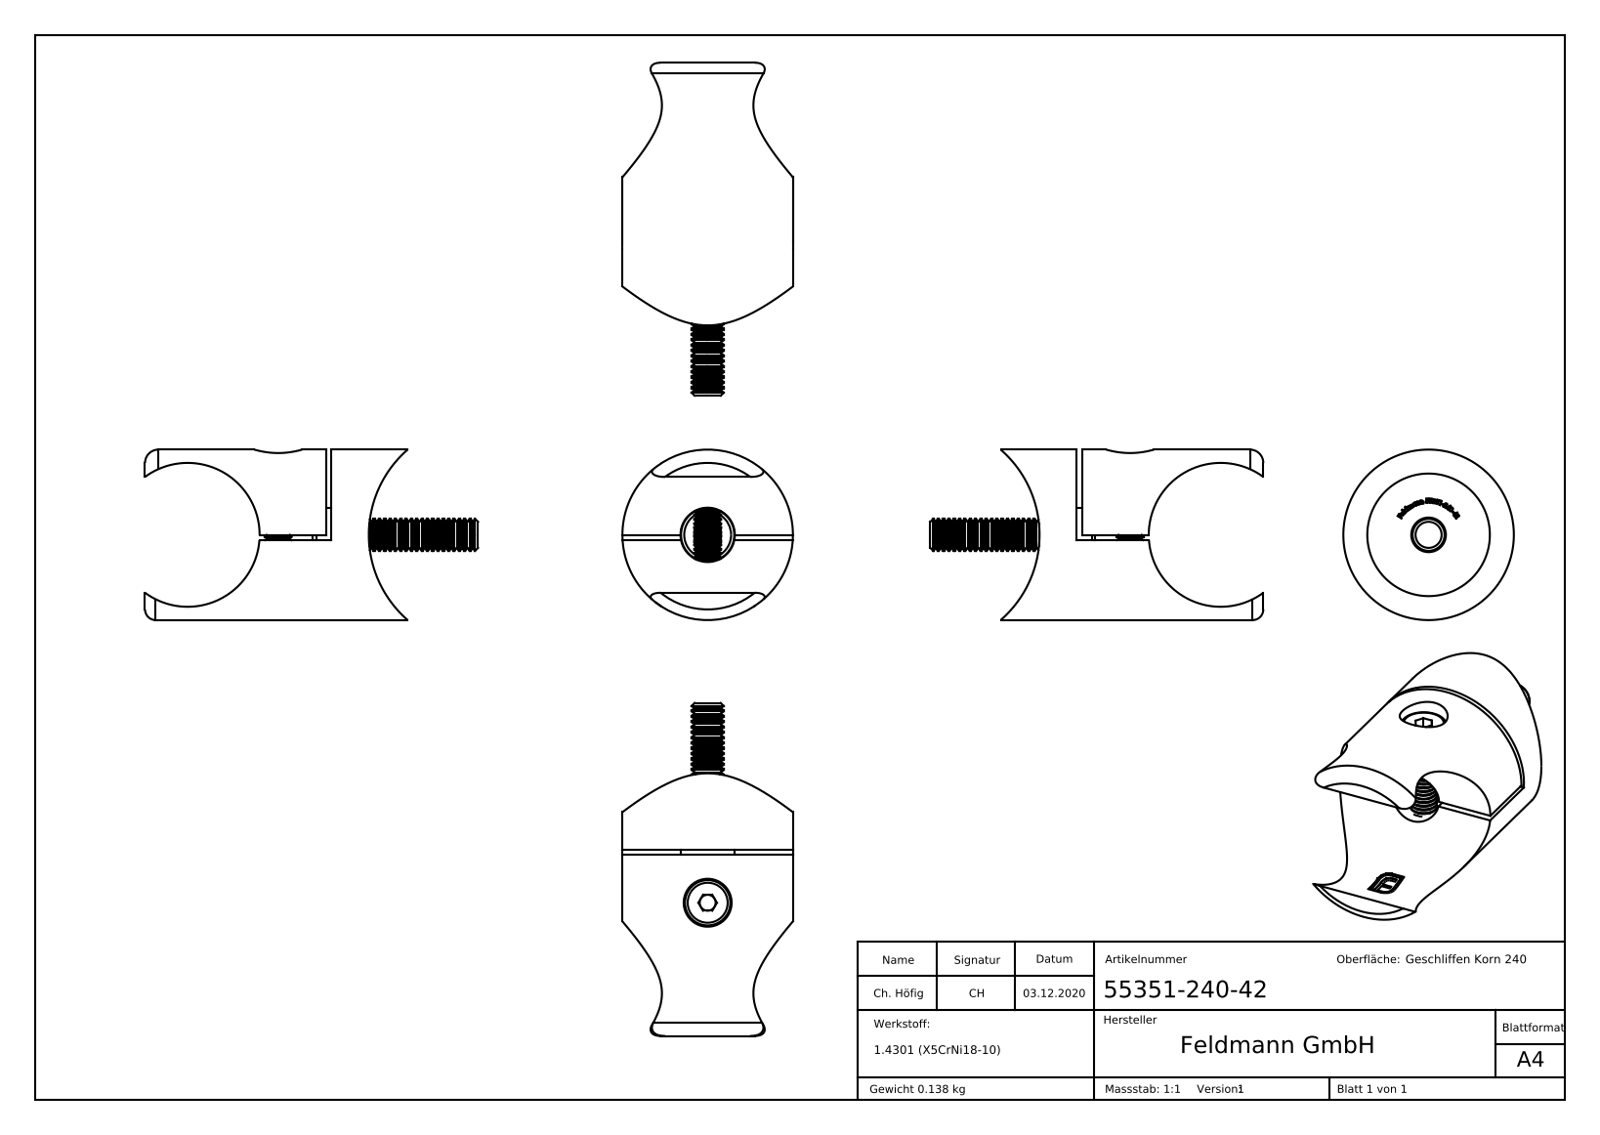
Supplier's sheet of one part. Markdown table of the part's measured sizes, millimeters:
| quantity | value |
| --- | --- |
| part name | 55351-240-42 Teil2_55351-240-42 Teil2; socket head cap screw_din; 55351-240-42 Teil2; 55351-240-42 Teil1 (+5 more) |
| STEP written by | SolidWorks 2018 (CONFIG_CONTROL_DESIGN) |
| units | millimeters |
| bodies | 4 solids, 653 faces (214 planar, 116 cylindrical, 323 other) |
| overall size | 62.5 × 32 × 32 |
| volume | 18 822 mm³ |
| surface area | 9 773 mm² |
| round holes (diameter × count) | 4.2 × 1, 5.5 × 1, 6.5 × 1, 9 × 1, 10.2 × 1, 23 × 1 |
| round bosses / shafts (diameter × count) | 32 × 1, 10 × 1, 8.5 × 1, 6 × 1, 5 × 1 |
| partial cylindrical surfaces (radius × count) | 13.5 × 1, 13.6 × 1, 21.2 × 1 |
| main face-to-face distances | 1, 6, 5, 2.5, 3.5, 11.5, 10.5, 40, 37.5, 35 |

◆ **WORK REQUIRED**
Every entry above is to be set down exactly; the pictures are to be left out.

◆ **ANSWER FOR THE TASK**
Supplier's sheet of one part. Markdown table of the part's measured sizes, millimeters:
| quantity | value |
| --- | --- |
| part name | 55351-240-42 Teil2_55351-240-42 Teil2; socket head cap screw_din; 55351-240-42 Teil2; 55351-240-42 Teil1 (+5 more) |
| STEP written by | SolidWorks 2018 (CONFIG_CONTROL_DESIGN) |
| units | millimeters |
| bodies | 4 solids, 653 faces (214 planar, 116 cylindrical, 323 other) |
| overall size | 62.5 × 32 × 32 |
| volume | 18 822 mm³ |
| surface area | 9 773 mm² |
| round holes (diameter × count) | 4.2 × 1, 5.5 × 1, 6.5 × 1, 9 × 1, 10.2 × 1, 23 × 1 |
| round bosses / shafts (diameter × count) | 32 × 1, 10 × 1, 8.5 × 1, 6 × 1, 5 × 1 |
| partial cylindrical surfaces (radius × count) | 13.5 × 1, 13.6 × 1, 21.2 × 1 |
| main face-to-face distances | 1, 6, 5, 2.5, 3.5, 11.5, 10.5, 40, 37.5, 35 |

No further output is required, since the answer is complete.